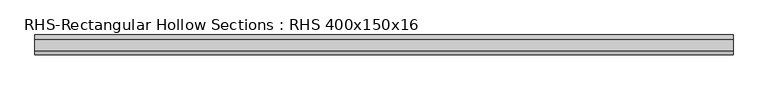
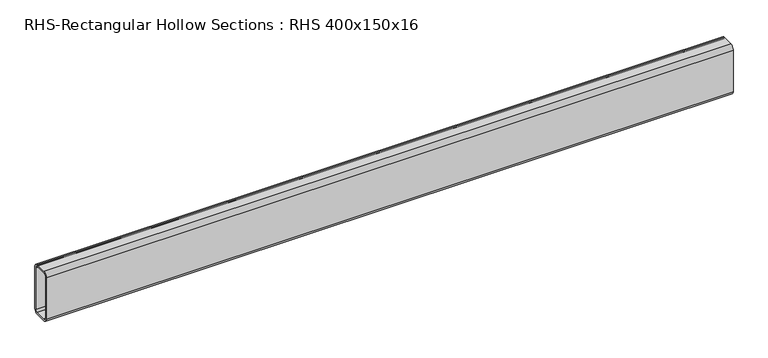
"""IFC4 building model written with IfcOpenShell, lengths in millimetres: beam geometry, RHS-Rectangular Hollow Sections : RHS 400x150x16."""

from ifc_helpers import new_model, si_unit, point, frame, frame_2d, origin, place, context, project, spatial, polyline, circle_curve, trimmed, segment, composite_curve, outline, extrude, source, transform, mapped, element, save


def rhs_rectangular_hollow_sections_rhs_400x150x16_8b646e73(model_context):
    return source(origin(), model_context, "Body", "SweptSolid", [
        extrude(outline(composite_curve([segment(polyline([(75.0, 168.0), (75.0, -168.0)]), True, "CONTINUOUS"), segment(trimmed(circle_curve(frame_2d((43.0, -168.0)), 32.0), [point((75.0, -168.0))], [point((43.0, -200.0))], False, "CARTESIAN"), True, "CONTINUOUS"), segment(polyline([(43.0, -200.0), (-43.0, -200.0)]), True, "CONTINUOUS"), segment(trimmed(circle_curve(frame_2d((-43.0, -168.0)), 32.0), [point((-43.0, -200.0))], [point((-75.0, -168.0))], False, "CARTESIAN"), True, "CONTINUOUS"), segment(polyline([(-75.0, -168.0), (-75.0, 168.0)]), True, "CONTINUOUS"), segment(trimmed(circle_curve(frame_2d((-43.0, 168.0)), 32.0), [point((-75.0, 168.0))], [point((-43.0, 200.0))], False, "CARTESIAN"), True, "CONTINUOUS"), segment(polyline([(-43.0, 200.0), (43.0, 200.0)]), True, "CONTINUOUS"), segment(trimmed(circle_curve(frame_2d((43.0, 168.0)), 32.0), [point((43.0, 200.0))], [point((75.0, 168.0))], False, "CARTESIAN"), True, "CONTINUOUS")], self_intersect=False), holes=[composite_curve([segment(trimmed(circle_curve(frame_2d((-43.0, 168.0)), 16.0), [point((-43.0, 184.0))], [point((-59.0, 168.0))], True, "CARTESIAN"), True, "CONTINUOUS"), segment(polyline([(-59.0, 168.0), (-59.0, -168.0)]), True, "CONTINUOUS"), segment(trimmed(circle_curve(frame_2d((-43.0, -168.0)), 16.0), [point((-59.0, -168.0))], [point((-43.0, -184.0))], True, "CARTESIAN"), True, "CONTINUOUS"), segment(polyline([(-43.0, -184.0), (43.0, -184.0)]), True, "CONTINUOUS"), segment(trimmed(circle_curve(frame_2d((43.0, -168.0)), 16.0), [point((43.0, -184.0))], [point((59.0, -168.0))], True, "CARTESIAN"), True, "CONTINUOUS"), segment(polyline([(59.0, -168.0), (59.0, 168.0)]), True, "CONTINUOUS"), segment(trimmed(circle_curve(frame_2d((43.0, 168.0)), 16.0), [point((59.0, 168.0))], [point((43.0, 184.0))], True, "CARTESIAN"), True, "CONTINUOUS"), segment(polyline([(43.0, 184.0), (-43.0, 184.0)]), True, "CONTINUOUS")], self_intersect=False)]), frame((-2626.5, 0.0, 0.0), z_axis=(1.0, 0.0, 0.0), x_axis=(0.0, 1.0, 0.0)), (0.0, 0.0, 1.0), 5253.0),
    ])


if __name__ == "__main__":
    model = new_model("IFC4")
    model_context = context("Model", 3, world=origin())
    ifc_project = project(units=[si_unit("LENGTHUNIT", "METRE", prefix="MILLI")], contexts=[model_context])
    site = spatial("IfcSite", under=ifc_project)
    building = spatial("IfcBuilding", under=site)
    placement = place(None, origin())
    rhs_rectangular_hollow_sections_rhs_400x150x16_shape = rhs_rectangular_hollow_sections_rhs_400x150x16_8b646e73(model_context)
    element("IfcBeam", 1, ObjectType="RHS-Rectangular Hollow Sections : RHS 400x150x16", at=placement, inside=building, context=model_context, shape_type="MappedRepresentation", body=[
        mapped(rhs_rectangular_hollow_sections_rhs_400x150x16_shape, transform((0.0, 0.0, 0.0), x_axis=(1.0, 0.0, 0.0), y_axis=(0.0, 1.0, 0.0), z_axis=(0.0, 0.0, 1.0))),
    ])
    save(model, "model.ifc")
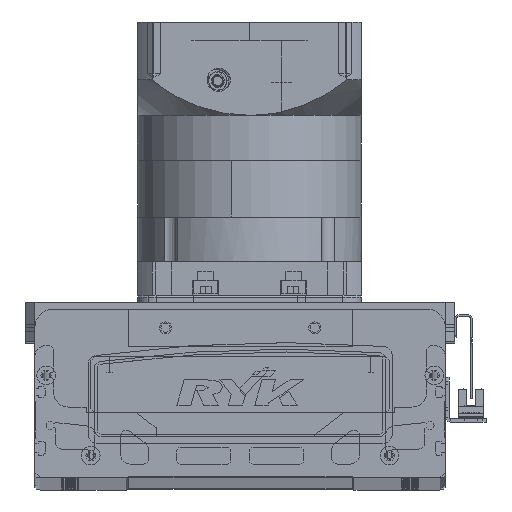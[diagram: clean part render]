
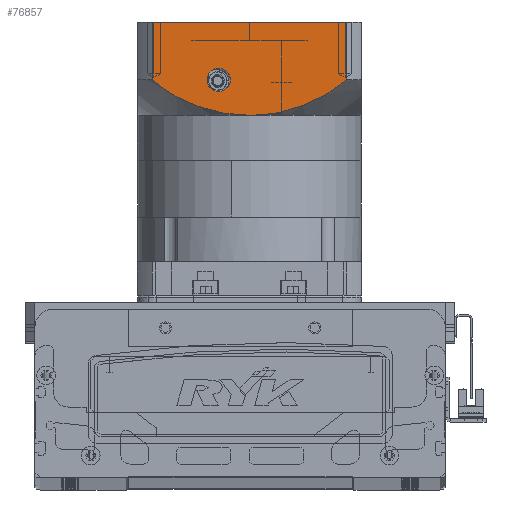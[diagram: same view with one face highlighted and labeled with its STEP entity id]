
A CAD part, top view. The second image highlights one B-rep face of the part: STEP entity #76857.
In plain terms, the highlighted planar face has unit normal (0, 0, 1) as drawn and (0, -1, 0) by its records, which use the part's own axes.
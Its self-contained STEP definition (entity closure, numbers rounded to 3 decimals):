
#1012 = EDGE_LOOP ( 'NONE', ( #54915, #42272 ) ) ;
#1831 = CARTESIAN_POINT ( 'NONE',  ( 4.753, -60., -100.5 ) ) ;
#2050 = CARTESIAN_POINT ( 'NONE',  ( -35.342, -60., -108.587 ) ) ;
#2109 = CARTESIAN_POINT ( 'NONE',  ( 42.555, -60., -112.543 ) ) ;
#3509 = CARTESIAN_POINT ( 'NONE',  ( -52.156, -60., -97.5 ) ) ;
#4973 = VERTEX_POINT ( 'NONE', #13786 ) ;
#5026 = AXIS2_PLACEMENT_3D ( 'NONE', #79553, #17916, #61553 ) ;
#5725 = AXIS2_PLACEMENT_3D ( 'NONE', #36728, #43397, #67259 ) ;
#8028 = CARTESIAN_POINT ( 'NONE',  ( 41.545, -60., -111.931 ) ) ;
#8297 = CARTESIAN_POINT ( 'NONE',  ( 0., -60., -100.5 ) ) ;
#8559 = CARTESIAN_POINT ( 'NONE',  ( 19.894, -60., -102.964 ) ) ;
#9029 = CARTESIAN_POINT ( 'NONE',  ( -11.825, -60., -101.356 ) ) ;
#9160 = DIRECTION ( 'NONE',  ( 0., 0., 1. ) ) ;
#10601 = EDGE_CURVE ( 'NONE', #47120, #27419, #67858, .T. ) ;
#13786 = CARTESIAN_POINT ( 'NONE',  ( 16.5, -60., -113.25 ) ) ;
#13982 = CARTESIAN_POINT ( 'NONE',  ( 9.454, -60., -100.914 ) ) ;
#14258 = CARTESIAN_POINT ( 'NONE',  ( 48.457, -60., -116.522 ) ) ;
#14460 = CARTESIAN_POINT ( 'NONE',  ( -29.939, -60., -106.183 ) ) ;
#14786 = CARTESIAN_POINT ( 'NONE',  ( 50.338, -60., -117.969 ) ) ;
#15124 = EDGE_CURVE ( 'NONE', #43462, #18481, #49030, .T. ) ;
#15293 = FACE_BOUND ( 'NONE', #1012, .T. ) ;
#17916 = DIRECTION ( 'NONE',  ( 0., 1., 0. ) ) ;
#18124 = DIRECTION ( 'NONE',  ( 1., 0., 0. ) ) ;
#18471 = ORIENTED_EDGE ( 'NONE', *, *, #78183, .T. ) ;
#18481 = VERTEX_POINT ( 'NONE', #67204 ) ;
#19104 = ORIENTED_EDGE ( 'NONE', *, *, #15124, .F. ) ;
#19131 = FACE_OUTER_BOUND ( 'NONE', #34519, .T. ) ;
#19440 = AXIS2_PLACEMENT_3D ( 'NONE', #35569, #72816, #18124 ) ;
#20892 = CARTESIAN_POINT ( 'NONE',  ( -52.156, -60., -119.5 ) ) ;
#20947 = CARTESIAN_POINT ( 'NONE',  ( 25.577, -60., -104.596 ) ) ;
#21407 = CARTESIAN_POINT ( 'NONE',  ( -8.294, -60., -100.916 ) ) ;
#21667 = CARTESIAN_POINT ( 'NONE',  ( -36.409, -60., -109.113 ) ) ;
#22358 = EDGE_CURVE ( 'NONE', #41053, #4973, #63943, .T. ) ;
#24978 = EDGE_CURVE ( 'NONE', #4973, #41053, #54924, .T. ) ;
#25357 = B_SPLINE_CURVE_WITH_KNOTS ( 'NONE', 3,
 ( #20892, #64012, #58335, #39870, #58071, #21667, #2050, #51139, #14460, #76329, #57313, #26772, #9029, #69634, #21407, #32934, #75809, #63741 ),
 .UNSPECIFIED., .F., .F.,
 ( 4, 2, 2, 2, 2, 2, 2, 2, 4 ),
 ( 0., 0.014, 0.018, 0.021, 0.028, 0.042, 0.046, 0.05, 0.057 ),
 .UNSPECIFIED. ) ;
#26305 = CARTESIAN_POINT ( 'NONE',  ( 32.196, -60., -107.007 ) ) ;
#26696 = CARTESIAN_POINT ( 'NONE',  ( 52.156, -60., -119.5 ) ) ;
#26772 = CARTESIAN_POINT ( 'NONE',  ( -12.993, -60., -101.537 ) ) ;
#27419 = VERTEX_POINT ( 'NONE', #26696 ) ;
#28088 = CARTESIAN_POINT ( 'NONE',  ( 52.156, -60., -150.5 ) ) ;
#32934 = CARTESIAN_POINT ( 'NONE',  ( -4.747, -60., -100.604 ) ) ;
#32993 = CARTESIAN_POINT ( 'NONE',  ( 52.156, -60., -119.5 ) ) ;
#34519 = EDGE_LOOP ( 'NONE', ( #19104, #40360, #18471, #60834, #74223 ) ) ;
#35569 = CARTESIAN_POINT ( 'NONE',  ( -60., -60., -150.5 ) ) ;
#36728 = CARTESIAN_POINT ( 'NONE',  ( 16.5, -60., -119.5 ) ) ;
#39402 = CARTESIAN_POINT ( 'NONE',  ( 15.267, -60., -101.938 ) ) ;
#39870 = CARTESIAN_POINT ( 'NONE',  ( -39.546, -60., -110.776 ) ) ;
#40360 = ORIENTED_EDGE ( 'NONE', *, *, #46743, .T. ) ;
#41053 = VERTEX_POINT ( 'NONE', #42035 ) ;
#42035 = CARTESIAN_POINT ( 'NONE',  ( 16.5, -60., -125.75 ) ) ;
#42272 = ORIENTED_EDGE ( 'NONE', *, *, #24978, .T. ) ;
#42454 = CARTESIAN_POINT ( 'NONE',  ( -52.156, -60., -150.5 ) ) ;
#43397 = DIRECTION ( 'NONE',  ( 0., 1., 0. ) ) ;
#43462 = VERTEX_POINT ( 'NONE', #42454 ) ;
#45291 = CARTESIAN_POINT ( 'NONE',  ( 16.426, -60., -102.169 ) ) ;
#46146 = CARTESIAN_POINT ( 'NONE',  ( 0., -60., -100.5 ) ) ;
#46743 = EDGE_CURVE ( 'NONE', #43462, #67699, #62571, .T. ) ;
#47120 = VERTEX_POINT ( 'NONE', #46146 ) ;
#47855 = PLANE ( 'NONE',  #19440 ) ;
#49030 = LINE ( 'NONE', #3509, #54816 ) ;
#49663 = CARTESIAN_POINT ( 'NONE',  ( 52.156, -60., -150.5 ) ) ;
#50928 = CARTESIAN_POINT ( 'NONE',  ( 44.553, -60., -113.817 ) ) ;
#51139 = CARTESIAN_POINT ( 'NONE',  ( -32.118, -60., -107.084 ) ) ;
#51572 = DIRECTION ( 'NONE',  ( 1., 0., 0. ) ) ;
#52088 = CARTESIAN_POINT ( 'NONE',  ( -60., -60., -150.5 ) ) ;
#54816 = VECTOR ( 'NONE', #9160, 1000. ) ;
#54915 = ORIENTED_EDGE ( 'NONE', *, *, #22358, .T. ) ;
#54924 = CIRCLE ( 'NONE', #5725, 6.25 ) ;
#57313 = CARTESIAN_POINT ( 'NONE',  ( -18.792, -60., -102.562 ) ) ;
#57737 = EDGE_CURVE ( 'NONE', #18481, #47120, #25357, .T. ) ;
#58071 = CARTESIAN_POINT ( 'NONE',  ( -38.51, -60., -110.207 ) ) ;
#58335 = CARTESIAN_POINT ( 'NONE',  ( -44.656, -60., -113.73 ) ) ;
#59672 = VECTOR ( 'NONE', #51572, 1000. ) ;
#60223 = LINE ( 'NONE', #28088, #63034 ) ;
#60834 = ORIENTED_EDGE ( 'NONE', *, *, #10601, .F. ) ;
#61553 = DIRECTION ( 'NONE',  ( 0., 0., -1. ) ) ;
#62571 = LINE ( 'NONE', #52088, #59672 ) ;
#63034 = VECTOR ( 'NONE', #77397, 1000. ) ;
#63538 = CARTESIAN_POINT ( 'NONE',  ( 18.739, -60., -102.681 ) ) ;
#63741 = CARTESIAN_POINT ( 'NONE',  ( 0., -60., -100.5 ) ) ;
#63943 = CIRCLE ( 'NONE', #5026, 6.25 ) ;
#64012 = CARTESIAN_POINT ( 'NONE',  ( -48.52, -60., -116.438 ) ) ;
#67204 = CARTESIAN_POINT ( 'NONE',  ( -52.156, -60., -119.5 ) ) ;
#67259 = DIRECTION ( 'NONE',  ( 0., 0., -1. ) ) ;
#67699 = VERTEX_POINT ( 'NONE', #49663 ) ;
#67858 = B_SPLINE_CURVE_WITH_KNOTS ( 'NONE', 3,
 ( #8297, #1831, #13982, #39402, #45291, #63538, #8559, #75867, #20947, #26305, #75091, #8028, #2109, #50928, #69697, #14258, #14786, #32993 ),
 .UNSPECIFIED., .F., .F.,
 ( 4, 2, 2, 2, 2, 2, 2, 2, 4 ),
 ( 0., 0.014, 0.018, 0.021, 0.028, 0.042, 0.046, 0.05, 0.057 ),
 .UNSPECIFIED. ) ;
#69634 = CARTESIAN_POINT ( 'NONE',  ( -9.477, -60., -101.046 ) ) ;
#69697 = CARTESIAN_POINT ( 'NONE',  ( 45.542, -60., -114.478 ) ) ;
#72816 = DIRECTION ( 'NONE',  ( 0., -1., 0. ) ) ;
#74223 = ORIENTED_EDGE ( 'NONE', *, *, #57737, .F. ) ;
#75091 = CARTESIAN_POINT ( 'NONE',  ( 36.444, -60., -108.986 ) ) ;
#75809 = CARTESIAN_POINT ( 'NONE',  ( -2.376, -60., -100.5 ) ) ;
#75867 = CARTESIAN_POINT ( 'NONE',  ( 23.329, -60., -103.886 ) ) ;
#76329 = CARTESIAN_POINT ( 'NONE',  ( -23.319, -60., -103.777 ) ) ;
#76857 = ADVANCED_FACE ( 'NONE', ( #19131, #15293 ), #47855, .T. ) ;
#77397 = DIRECTION ( 'NONE',  ( 0., 0., 1. ) ) ;
#78183 = EDGE_CURVE ( 'NONE', #67699, #27419, #60223, .T. ) ;
#79553 = CARTESIAN_POINT ( 'NONE',  ( 16.5, -60., -119.5 ) ) ;

________________

*YOUR ASSIGNMENT:*
From the data above, reproduce word for word the lines running from the line with "#45291 = CARTESIAN_POINT" to the line with "#57737 = EDGE_CURVE", ends included.

*REPLY:*
#45291 = CARTESIAN_POINT ( 'NONE',  ( 16.426, -60., -102.169 ) ) ;
#46146 = CARTESIAN_POINT ( 'NONE',  ( 0., -60., -100.5 ) ) ;
#46743 = EDGE_CURVE ( 'NONE', #43462, #67699, #62571, .T. ) ;
#47120 = VERTEX_POINT ( 'NONE', #46146 ) ;
#47855 = PLANE ( 'NONE',  #19440 ) ;
#49030 = LINE ( 'NONE', #3509, #54816 ) ;
#49663 = CARTESIAN_POINT ( 'NONE',  ( 52.156, -60., -150.5 ) ) ;
#50928 = CARTESIAN_POINT ( 'NONE',  ( 44.553, -60., -113.817 ) ) ;
#51139 = CARTESIAN_POINT ( 'NONE',  ( -32.118, -60., -107.084 ) ) ;
#51572 = DIRECTION ( 'NONE',  ( 1., 0., 0. ) ) ;
#52088 = CARTESIAN_POINT ( 'NONE',  ( -60., -60., -150.5 ) ) ;
#54816 = VECTOR ( 'NONE', #9160, 1000. ) ;
#54915 = ORIENTED_EDGE ( 'NONE', *, *, #22358, .T. ) ;
#54924 = CIRCLE ( 'NONE', #5725, 6.25 ) ;
#57313 = CARTESIAN_POINT ( 'NONE',  ( -18.792, -60., -102.562 ) ) ;
#57737 = EDGE_CURVE ( 'NONE', #18481, #47120, #25357, .T. ) ;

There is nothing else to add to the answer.